─── Input data ───

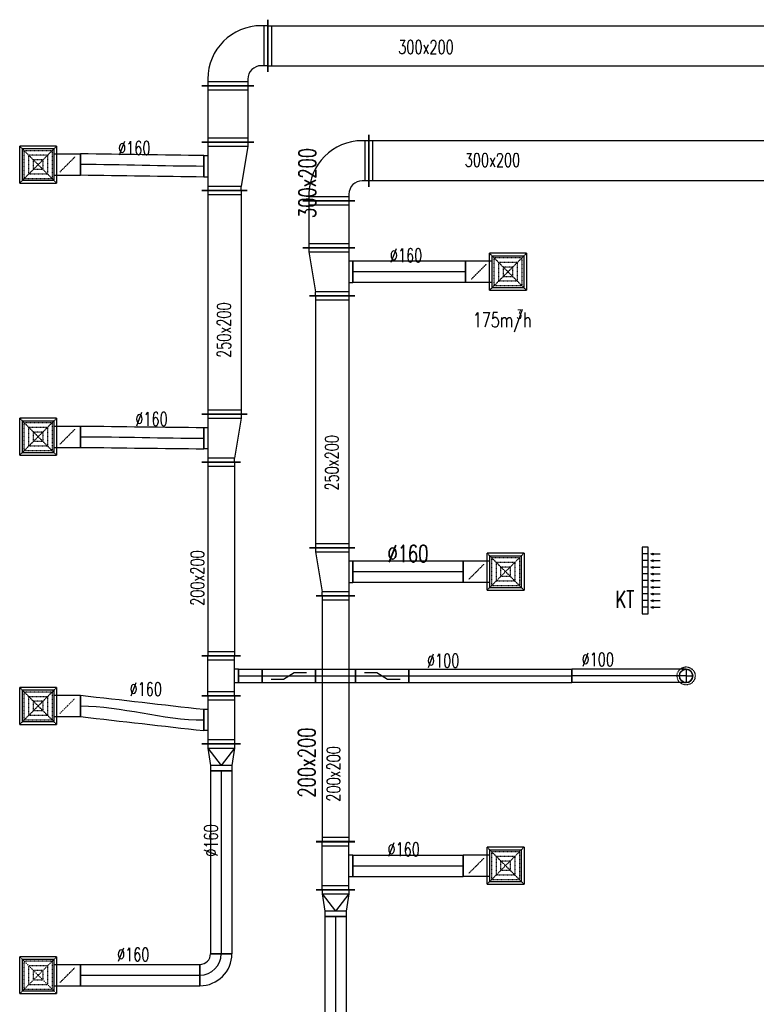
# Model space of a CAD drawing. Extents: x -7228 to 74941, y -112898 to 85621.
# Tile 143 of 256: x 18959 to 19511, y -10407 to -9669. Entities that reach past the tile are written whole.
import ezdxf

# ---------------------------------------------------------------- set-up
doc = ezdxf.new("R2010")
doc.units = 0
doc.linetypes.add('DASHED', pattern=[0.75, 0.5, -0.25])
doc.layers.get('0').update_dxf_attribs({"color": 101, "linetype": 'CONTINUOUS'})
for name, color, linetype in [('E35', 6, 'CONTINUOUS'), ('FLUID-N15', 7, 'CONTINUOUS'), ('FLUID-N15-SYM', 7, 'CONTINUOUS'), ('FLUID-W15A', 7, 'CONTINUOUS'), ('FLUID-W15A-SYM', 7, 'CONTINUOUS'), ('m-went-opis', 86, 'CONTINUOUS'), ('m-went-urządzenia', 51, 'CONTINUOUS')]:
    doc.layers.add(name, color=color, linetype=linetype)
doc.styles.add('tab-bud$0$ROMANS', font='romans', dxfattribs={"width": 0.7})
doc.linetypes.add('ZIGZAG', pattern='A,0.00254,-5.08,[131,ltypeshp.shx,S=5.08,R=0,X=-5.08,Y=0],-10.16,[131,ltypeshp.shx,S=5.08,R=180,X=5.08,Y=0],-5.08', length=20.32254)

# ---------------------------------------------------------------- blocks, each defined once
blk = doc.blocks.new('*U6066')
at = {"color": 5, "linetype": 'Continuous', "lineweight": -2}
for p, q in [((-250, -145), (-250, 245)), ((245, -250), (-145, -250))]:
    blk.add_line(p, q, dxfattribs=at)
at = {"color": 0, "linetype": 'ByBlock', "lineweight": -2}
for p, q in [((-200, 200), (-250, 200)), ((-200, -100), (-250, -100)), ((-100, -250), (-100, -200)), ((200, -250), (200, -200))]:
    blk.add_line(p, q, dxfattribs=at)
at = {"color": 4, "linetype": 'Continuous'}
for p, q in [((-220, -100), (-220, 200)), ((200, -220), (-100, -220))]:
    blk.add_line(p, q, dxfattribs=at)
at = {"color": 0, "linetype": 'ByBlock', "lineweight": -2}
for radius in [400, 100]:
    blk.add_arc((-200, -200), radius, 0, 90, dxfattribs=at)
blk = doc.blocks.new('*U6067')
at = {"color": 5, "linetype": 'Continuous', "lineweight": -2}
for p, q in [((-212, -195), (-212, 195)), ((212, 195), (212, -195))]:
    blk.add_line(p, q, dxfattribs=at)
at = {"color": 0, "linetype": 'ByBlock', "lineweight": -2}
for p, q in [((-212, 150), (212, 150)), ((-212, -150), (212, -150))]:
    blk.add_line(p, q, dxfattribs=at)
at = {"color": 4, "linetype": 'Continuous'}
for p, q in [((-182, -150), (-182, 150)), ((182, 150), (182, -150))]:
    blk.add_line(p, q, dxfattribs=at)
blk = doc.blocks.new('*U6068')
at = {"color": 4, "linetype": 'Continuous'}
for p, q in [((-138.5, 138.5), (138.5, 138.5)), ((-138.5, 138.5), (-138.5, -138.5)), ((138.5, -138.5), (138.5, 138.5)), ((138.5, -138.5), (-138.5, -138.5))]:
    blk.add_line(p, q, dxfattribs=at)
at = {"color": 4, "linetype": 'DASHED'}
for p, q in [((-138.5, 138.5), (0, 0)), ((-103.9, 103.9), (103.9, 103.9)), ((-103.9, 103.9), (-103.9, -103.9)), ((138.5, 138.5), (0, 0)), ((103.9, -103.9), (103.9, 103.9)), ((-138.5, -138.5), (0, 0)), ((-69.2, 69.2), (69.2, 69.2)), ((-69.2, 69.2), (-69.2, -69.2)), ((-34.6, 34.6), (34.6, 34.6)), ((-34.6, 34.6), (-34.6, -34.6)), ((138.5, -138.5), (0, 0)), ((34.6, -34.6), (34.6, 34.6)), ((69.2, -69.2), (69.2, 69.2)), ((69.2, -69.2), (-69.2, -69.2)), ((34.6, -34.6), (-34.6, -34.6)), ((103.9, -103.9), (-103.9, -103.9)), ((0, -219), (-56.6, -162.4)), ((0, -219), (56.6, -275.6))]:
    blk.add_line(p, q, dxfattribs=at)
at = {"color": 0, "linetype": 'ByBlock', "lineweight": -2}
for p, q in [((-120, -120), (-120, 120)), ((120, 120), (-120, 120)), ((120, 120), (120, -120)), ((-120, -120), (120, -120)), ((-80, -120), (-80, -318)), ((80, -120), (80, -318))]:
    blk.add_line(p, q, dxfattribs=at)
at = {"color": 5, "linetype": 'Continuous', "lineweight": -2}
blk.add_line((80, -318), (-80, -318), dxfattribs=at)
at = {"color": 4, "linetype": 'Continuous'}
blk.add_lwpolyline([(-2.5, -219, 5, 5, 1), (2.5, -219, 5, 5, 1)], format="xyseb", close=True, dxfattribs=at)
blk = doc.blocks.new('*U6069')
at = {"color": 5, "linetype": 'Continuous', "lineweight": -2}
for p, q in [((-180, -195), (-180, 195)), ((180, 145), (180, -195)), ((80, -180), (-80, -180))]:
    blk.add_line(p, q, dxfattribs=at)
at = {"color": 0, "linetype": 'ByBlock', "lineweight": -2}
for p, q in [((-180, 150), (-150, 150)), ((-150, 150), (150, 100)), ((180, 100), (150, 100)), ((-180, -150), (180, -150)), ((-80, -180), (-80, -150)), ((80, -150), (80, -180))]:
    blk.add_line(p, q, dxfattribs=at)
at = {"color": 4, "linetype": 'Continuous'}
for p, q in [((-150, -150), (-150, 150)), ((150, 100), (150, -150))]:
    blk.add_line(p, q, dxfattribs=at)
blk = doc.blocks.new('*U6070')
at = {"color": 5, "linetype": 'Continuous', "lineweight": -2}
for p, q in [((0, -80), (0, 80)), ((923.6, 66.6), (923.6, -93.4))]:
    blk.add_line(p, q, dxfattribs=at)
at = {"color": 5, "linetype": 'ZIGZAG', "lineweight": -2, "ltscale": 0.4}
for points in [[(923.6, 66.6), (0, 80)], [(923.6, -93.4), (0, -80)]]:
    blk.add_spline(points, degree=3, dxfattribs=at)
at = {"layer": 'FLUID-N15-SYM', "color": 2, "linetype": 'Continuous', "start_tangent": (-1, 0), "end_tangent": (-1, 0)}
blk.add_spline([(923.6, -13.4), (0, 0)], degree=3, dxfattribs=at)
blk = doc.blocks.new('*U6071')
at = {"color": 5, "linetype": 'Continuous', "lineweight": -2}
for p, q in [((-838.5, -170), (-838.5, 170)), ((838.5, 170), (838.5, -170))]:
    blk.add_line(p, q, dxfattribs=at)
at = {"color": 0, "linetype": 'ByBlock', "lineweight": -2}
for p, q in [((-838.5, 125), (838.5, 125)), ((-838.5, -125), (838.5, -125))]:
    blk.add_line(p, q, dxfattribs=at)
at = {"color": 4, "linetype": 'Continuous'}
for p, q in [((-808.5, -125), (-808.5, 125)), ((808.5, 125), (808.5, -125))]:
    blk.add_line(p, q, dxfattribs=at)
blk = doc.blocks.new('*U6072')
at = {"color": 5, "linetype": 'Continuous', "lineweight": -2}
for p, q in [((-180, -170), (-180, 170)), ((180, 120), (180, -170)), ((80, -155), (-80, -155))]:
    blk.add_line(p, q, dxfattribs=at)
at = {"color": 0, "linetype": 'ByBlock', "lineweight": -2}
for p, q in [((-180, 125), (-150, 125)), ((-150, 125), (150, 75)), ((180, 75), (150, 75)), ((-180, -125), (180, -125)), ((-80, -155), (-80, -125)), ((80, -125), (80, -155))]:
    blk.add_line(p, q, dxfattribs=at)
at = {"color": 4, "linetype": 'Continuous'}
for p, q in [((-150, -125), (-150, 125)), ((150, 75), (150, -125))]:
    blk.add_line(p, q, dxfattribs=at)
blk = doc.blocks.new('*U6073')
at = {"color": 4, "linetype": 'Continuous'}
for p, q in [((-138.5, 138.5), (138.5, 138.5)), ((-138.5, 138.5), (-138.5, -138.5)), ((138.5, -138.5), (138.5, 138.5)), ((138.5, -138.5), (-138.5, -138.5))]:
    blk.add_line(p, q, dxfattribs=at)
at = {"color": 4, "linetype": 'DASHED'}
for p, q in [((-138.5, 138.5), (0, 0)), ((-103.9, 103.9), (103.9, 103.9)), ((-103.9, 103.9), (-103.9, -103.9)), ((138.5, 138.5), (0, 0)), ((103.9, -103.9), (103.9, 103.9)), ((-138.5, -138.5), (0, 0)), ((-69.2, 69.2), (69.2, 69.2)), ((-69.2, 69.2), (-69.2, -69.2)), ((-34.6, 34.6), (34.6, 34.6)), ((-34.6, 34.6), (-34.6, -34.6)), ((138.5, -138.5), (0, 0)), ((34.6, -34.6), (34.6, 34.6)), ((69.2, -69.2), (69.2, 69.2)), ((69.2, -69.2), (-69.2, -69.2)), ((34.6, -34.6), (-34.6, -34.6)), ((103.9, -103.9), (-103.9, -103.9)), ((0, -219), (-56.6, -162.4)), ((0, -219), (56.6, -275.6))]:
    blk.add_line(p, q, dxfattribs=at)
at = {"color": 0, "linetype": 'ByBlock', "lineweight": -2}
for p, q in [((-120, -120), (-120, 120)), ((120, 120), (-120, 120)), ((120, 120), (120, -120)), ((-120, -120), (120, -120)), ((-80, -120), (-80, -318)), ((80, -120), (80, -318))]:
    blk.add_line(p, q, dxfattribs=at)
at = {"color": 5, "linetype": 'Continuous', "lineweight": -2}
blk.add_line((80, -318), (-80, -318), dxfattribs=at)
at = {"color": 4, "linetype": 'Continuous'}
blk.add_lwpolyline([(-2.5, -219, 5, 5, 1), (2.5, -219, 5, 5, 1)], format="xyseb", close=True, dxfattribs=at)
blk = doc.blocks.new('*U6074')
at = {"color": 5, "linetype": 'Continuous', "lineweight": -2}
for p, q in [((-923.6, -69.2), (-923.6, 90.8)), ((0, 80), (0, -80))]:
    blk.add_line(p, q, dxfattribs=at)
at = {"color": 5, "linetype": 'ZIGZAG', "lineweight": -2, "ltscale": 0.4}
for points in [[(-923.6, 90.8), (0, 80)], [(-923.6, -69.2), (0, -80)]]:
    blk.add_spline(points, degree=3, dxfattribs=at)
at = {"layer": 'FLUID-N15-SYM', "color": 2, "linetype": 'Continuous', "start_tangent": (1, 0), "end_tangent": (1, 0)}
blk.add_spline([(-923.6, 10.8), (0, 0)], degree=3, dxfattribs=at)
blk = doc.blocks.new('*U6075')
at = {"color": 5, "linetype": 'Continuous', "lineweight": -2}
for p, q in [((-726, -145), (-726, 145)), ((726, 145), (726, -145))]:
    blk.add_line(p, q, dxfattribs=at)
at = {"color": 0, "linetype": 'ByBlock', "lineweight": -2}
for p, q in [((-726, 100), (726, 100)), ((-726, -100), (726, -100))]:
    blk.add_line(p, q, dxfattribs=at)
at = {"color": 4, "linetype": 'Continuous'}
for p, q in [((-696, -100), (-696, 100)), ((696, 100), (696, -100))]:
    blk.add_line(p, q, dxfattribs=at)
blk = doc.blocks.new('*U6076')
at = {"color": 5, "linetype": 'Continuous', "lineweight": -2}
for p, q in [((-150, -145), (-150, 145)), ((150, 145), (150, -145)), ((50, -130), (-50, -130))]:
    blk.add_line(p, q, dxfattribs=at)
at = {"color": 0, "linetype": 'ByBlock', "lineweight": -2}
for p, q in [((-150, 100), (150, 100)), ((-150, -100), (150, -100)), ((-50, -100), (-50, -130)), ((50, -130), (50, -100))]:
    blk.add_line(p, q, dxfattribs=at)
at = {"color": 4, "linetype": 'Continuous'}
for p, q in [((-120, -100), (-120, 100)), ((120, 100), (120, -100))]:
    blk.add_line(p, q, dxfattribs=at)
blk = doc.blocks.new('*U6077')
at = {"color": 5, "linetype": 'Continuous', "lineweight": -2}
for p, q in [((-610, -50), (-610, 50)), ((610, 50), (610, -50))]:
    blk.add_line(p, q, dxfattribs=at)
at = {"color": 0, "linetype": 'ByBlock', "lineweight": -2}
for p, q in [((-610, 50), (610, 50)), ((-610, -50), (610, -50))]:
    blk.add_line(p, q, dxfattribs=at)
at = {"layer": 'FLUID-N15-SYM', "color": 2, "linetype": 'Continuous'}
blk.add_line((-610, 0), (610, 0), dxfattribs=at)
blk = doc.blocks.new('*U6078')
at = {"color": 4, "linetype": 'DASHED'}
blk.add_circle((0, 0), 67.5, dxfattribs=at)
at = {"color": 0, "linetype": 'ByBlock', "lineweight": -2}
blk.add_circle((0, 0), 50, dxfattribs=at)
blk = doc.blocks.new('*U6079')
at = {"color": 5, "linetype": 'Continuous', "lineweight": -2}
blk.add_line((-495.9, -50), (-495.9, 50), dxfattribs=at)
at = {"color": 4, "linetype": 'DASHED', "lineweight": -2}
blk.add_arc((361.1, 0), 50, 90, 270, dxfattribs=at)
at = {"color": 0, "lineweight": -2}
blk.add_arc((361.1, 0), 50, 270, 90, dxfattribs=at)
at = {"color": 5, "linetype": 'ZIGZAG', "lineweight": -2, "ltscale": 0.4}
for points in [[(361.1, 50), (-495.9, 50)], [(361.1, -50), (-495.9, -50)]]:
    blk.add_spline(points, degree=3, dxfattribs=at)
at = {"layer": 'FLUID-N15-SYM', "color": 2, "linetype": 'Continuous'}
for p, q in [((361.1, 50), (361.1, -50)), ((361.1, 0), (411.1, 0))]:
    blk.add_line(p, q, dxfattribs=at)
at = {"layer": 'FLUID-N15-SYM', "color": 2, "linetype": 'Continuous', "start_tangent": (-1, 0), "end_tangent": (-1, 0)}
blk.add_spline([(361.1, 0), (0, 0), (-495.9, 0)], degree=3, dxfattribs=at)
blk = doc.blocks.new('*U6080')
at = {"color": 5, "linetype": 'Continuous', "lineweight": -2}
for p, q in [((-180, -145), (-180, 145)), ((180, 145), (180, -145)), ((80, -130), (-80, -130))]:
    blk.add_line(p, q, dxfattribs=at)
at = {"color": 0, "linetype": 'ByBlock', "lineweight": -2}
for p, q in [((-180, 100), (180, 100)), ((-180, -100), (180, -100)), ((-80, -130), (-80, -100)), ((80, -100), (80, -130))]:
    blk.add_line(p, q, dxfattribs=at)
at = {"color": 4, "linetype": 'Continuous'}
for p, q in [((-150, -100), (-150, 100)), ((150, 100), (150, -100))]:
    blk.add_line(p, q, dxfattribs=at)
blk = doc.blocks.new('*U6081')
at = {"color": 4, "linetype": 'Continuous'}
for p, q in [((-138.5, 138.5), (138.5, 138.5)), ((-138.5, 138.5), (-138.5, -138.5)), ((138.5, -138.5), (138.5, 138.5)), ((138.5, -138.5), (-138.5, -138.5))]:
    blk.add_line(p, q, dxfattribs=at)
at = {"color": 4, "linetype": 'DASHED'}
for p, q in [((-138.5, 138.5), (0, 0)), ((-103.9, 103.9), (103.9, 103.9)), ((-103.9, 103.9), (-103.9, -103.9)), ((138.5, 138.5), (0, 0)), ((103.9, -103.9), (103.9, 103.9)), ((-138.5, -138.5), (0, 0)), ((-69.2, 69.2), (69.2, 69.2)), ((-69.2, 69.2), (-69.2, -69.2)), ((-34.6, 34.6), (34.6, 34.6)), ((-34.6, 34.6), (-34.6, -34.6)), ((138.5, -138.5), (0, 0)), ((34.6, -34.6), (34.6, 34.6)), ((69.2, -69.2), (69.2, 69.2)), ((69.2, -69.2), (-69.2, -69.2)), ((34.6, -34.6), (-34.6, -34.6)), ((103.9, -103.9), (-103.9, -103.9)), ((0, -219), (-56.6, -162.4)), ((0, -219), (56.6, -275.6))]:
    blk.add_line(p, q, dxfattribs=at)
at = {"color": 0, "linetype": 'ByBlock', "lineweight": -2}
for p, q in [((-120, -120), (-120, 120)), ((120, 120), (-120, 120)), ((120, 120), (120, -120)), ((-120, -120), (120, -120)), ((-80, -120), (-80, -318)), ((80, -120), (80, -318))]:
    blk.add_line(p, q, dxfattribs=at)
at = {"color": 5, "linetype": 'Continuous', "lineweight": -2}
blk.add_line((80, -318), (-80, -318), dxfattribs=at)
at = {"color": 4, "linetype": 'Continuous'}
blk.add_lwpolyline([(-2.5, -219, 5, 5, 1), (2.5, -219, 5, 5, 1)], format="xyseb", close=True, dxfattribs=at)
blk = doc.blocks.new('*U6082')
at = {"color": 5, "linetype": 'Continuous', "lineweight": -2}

───

Lines in the records above that carry the word "radius" are to be located and copied.

for radius in [400, 100]:
    blk.add_arc((-200, -200), radius, 0, 90, dxfattribs=at)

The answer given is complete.